Canada’s factory slowdown deepens, and the job math is starting to bite
Manufacturing PMI - October 2025
Canada’s factories ended the third quarter on a weak note. The S&P Global Manufacturing PMI slid to 47.7 in September, down from 48.3, signaling a fifth straight month of contraction in output and new orders, both sub-indices fell further into the red. The survey also noted outright job losses at manufacturers as confidence softened.
The turn in hiring is already showing up in official data. In August alone, manufacturing employment fell by 19,000, and since the recent peak in January the sector has shed 58,000 jobs. That’s the clearest sign yet that firms who hoarded talent during the post-pandemic recovery are beginning to reset headcounts as orders fade.
What a Sub-50 PMI Usually Means for Jobs
Canada employs roughly 1.8 million people in manufacturing. When the PMI holds below 50 for multiple months, history suggests companies first freeze hiring and cut overtime, then reduce contingent roles, and finally trim permanent staff if demand fails to revive. Using that base, here’s a practical range of what the next two quarters could look like if the PMI stays below 50 through March:
Low impact (soft landing): Firms rely on shorter hours and attrition.
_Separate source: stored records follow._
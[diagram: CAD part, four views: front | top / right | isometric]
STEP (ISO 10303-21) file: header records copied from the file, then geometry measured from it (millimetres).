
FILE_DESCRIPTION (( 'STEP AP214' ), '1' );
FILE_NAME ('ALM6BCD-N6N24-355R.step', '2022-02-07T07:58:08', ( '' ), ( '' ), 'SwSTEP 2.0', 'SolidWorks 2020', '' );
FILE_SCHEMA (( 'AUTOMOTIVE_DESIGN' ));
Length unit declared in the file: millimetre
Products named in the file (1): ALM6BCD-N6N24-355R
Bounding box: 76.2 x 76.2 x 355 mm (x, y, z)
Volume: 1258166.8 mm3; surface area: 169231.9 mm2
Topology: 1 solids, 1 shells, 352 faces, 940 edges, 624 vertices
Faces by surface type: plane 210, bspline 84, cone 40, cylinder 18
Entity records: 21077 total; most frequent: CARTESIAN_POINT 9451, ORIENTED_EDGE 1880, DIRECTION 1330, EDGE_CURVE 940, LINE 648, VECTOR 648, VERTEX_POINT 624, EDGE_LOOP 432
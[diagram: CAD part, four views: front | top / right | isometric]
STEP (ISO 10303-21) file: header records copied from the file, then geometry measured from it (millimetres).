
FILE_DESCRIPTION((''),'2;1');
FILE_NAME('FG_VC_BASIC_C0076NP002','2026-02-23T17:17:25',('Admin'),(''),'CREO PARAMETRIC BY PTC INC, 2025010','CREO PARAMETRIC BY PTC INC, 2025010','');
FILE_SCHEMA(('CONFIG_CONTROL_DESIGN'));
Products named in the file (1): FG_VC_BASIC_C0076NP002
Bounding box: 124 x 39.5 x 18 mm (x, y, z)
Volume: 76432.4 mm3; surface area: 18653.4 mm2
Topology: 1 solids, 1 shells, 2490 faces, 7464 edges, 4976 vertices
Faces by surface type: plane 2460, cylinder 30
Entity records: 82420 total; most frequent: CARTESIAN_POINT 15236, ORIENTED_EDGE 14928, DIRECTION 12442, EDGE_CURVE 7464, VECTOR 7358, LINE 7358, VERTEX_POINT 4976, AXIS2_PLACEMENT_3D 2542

Employment falls 1%–1.5% over six months, 18,000 to 27,000 jobs concentrated in temp/contract roles and select sub-sectors with weak pipelines (basic metals, furniture, some machinery).
Base case (gradual bleed): Headcount tracks new orders lower while managers protect core skills. Employment declines 2%–3%, 36,000 to 54,000 jobs spread across Ontario and Quebec’s auto/aero supply chains and parts of fabricated metals; Western food, wood and resource-linked plants hold up better.
High impact (orders keep sliding): If new business continues to fall and inventories normalize, cuts extend to permanent roles. Employment drops 4%–5%, 72,000 to 90,000 jobs akin to milder past downturns, not a 2009-style shock.
These ranges triangulate three anchors: the PMI signaling contraction and “job losses recorded” in September; August’s 19,000 decline in LFS; and a sector employment base a little north of 1.8 million. They’re directional, not a forecast but they give staffing leaders a live sense of magnitude.
Provincial Lens: Who Feels It First
Ontario and Quebec, home to autos, aerospace, and dense supplier networks, remain the most exposed to weak global orders. Expect sharper use of flexible staffing in southern Ontario’s auto parts corridor and around Greater Montréal’s aero ecosystem. Prairie and B.C. manufacturers tied to food processing, wood, and energy equipment are comparatively steadier, though any capex pause would ripple into machinery and fabricated metals. Atlantic plants (shipbuilding, food processing) are more likely to slow hiring than cut deeply. The mix aligns with recent monthly data showing broadening softness even as some transport-equipment niches posted brief gains earlier in the summer.
Spillovers You’ll Notice Outside the Plant
Manufacturing is only about a tenth of GDP, but it anchors long supply chains in transportation, warehousing, business services, and construction. In August, weakness was already visible in transport and professional services alongside the factory decline. If the PMI stays sub-50, watch for lower demand for drivers, quality techs, maintenance crews, and some engineering services as project work is deferred.
What This Means for Staffing Firms
Permanent placements: Expect more gatekeeping on full-time roles through winter. Offer clients “convert-to-perm” options with clear productivity metrics to de-risk commitments.
Temp/contract: This is where activity should hold up best. Build benches in quality control, industrial maintenance, EHS, production scheduling, and logistics. Skills managers reach for as they flex shifts.
Shift from volume to mix: Orders are uneven; clients will prize candidates who can straddle production + basic automation/PLC troubleshooting or logistics + inventory analytics.
Regional strategy: Double down on Ontario/Quebec with line-side fill rates and rapid-response rosters; lean into resource-linked roles in the West where demand is less elastic to global goods cycles.
The Wild Cards
Two offsets could limit the damage. First, lower price pressures in the PMI hint at easing input costs, which can cushion margins. Second, earlier GDP detail showed parts of transport equipment bouncing as supply snarls cleared. If those gains persist, they can partially counter softer categories. The balance, however, still tilts toward caution until new orders stabilize.
Bottom Line
A 47.7 PMI doesn’t guarantee layoffs but paired with August’s factory job drop and five months of shrinking orders, it argues for defensive staffing through winter. On current signals, a 36,000–54,000 manufacturing job slide over the next two quarters is a reasonable central case if contraction persists, with larger losses only if new business continues to deteriorate. For employers, flexibility is the safest currency. For workers and agencies, versatility and blending shop-floor know-how with light automation and logistics skills will define who stays busiest until demand turns.